По греческой мифологии, Акризия, царя Аргоса, по пророчеству Дельфийского оракула, ожидала погибель от руки отпрыска его дочери Данаи. Боясь этого, он отдал приказ заключить Данаю в темницу, но Зевс, плененный красотой узницы, просочился к ней в виде золотого дождика через отверстие в крыше. Так родила она отпрыска Персея, которого по приказу царя заточили совместно с мамой в ящик и бросили в море.
«Даная» Мабюза является самой ранешней из узнаваемых работ на данную тему. Появляется вопрос — почему живописец обратился к данной теме и как он её показал на картине. В Нидерландах той эры упоминание о Данае не отыскать. И исключительно в Италии можно узреть упоминание о Данае в литературных произведениях ранешнего ренессанса, время от времени сопровожаемых маленькими миниатюрами. Непопросту Мабюзу принадлежит слава наистарейшего из «итальянцев» посреди нидерландских живописцев.

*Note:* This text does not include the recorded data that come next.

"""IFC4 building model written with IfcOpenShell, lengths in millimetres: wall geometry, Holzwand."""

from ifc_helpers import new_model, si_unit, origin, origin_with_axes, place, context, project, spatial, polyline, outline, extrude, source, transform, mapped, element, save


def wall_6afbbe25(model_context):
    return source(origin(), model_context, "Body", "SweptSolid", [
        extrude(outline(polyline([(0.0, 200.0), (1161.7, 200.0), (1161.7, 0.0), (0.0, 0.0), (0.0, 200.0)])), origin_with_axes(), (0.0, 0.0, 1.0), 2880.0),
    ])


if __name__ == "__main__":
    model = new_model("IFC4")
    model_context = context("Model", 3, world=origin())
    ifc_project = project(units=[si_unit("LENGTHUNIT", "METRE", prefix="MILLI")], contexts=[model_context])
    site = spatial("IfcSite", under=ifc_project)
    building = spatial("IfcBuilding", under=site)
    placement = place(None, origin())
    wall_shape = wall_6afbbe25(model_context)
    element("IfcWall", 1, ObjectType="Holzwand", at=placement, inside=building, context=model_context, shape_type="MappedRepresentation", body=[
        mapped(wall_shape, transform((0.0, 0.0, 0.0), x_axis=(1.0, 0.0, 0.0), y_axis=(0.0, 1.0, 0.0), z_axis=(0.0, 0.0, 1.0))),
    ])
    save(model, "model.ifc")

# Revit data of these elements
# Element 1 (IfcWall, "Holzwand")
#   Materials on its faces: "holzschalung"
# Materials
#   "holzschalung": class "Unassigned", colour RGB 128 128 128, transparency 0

Он также отлично знаком с итальянской литературой. С 1515 года он подписывает свои работы, как и в случае с данной картиной, латинской формой собственного имени. Отлично знаком он и с итальянской архитектурой. Это обосновывает изображенная на картине ниша из мрамора со сверкающими колоннами увенчанными утонченными капителями, которые из-за отражаемого света оказывают на смотрящего необыкновенное воздействие.
Места меж колоннами в стиле южной храмовой архитектуры открыты. Через их видны итальянская постройка с лоджией и балюстрадой, куполообразное строение, справа от него позднеготическая церковь, а на краю слева — средневековый городской дом.
Невзирая на либо, может быть, из-за присутствия строительных сооружений без всякого ландшафта, всякой зелени, художнику удалось искрометно передать состояние полного одиночества Данаи и придать сцене состояние глубочайшей интимности.
Даная изображена в виде очаровательной юный девицы, желанно поднявшей наверх свои голубые глаза и спешно пытающейся изловить золотой дождик подолом собственного облачения. Её наряд пришёл в кавардак, обнажив замечательные груди, которые в купе с положением ног присваивают сцене колоритную эротическую расцветку.
Это воздействие обостряется чувством узости места вокруг Данаи, тем ещё больше приближая её к наблюдающему. но холодная цветовая база картины сходу сглаживает это воспоминание.
Цвета — самое замечательное в этой картине. Очень продуманно ограничиваются они серо-голубым, на фоне которого золото божественного Зевса, принявшего форму дождика, светится первозданным блеском.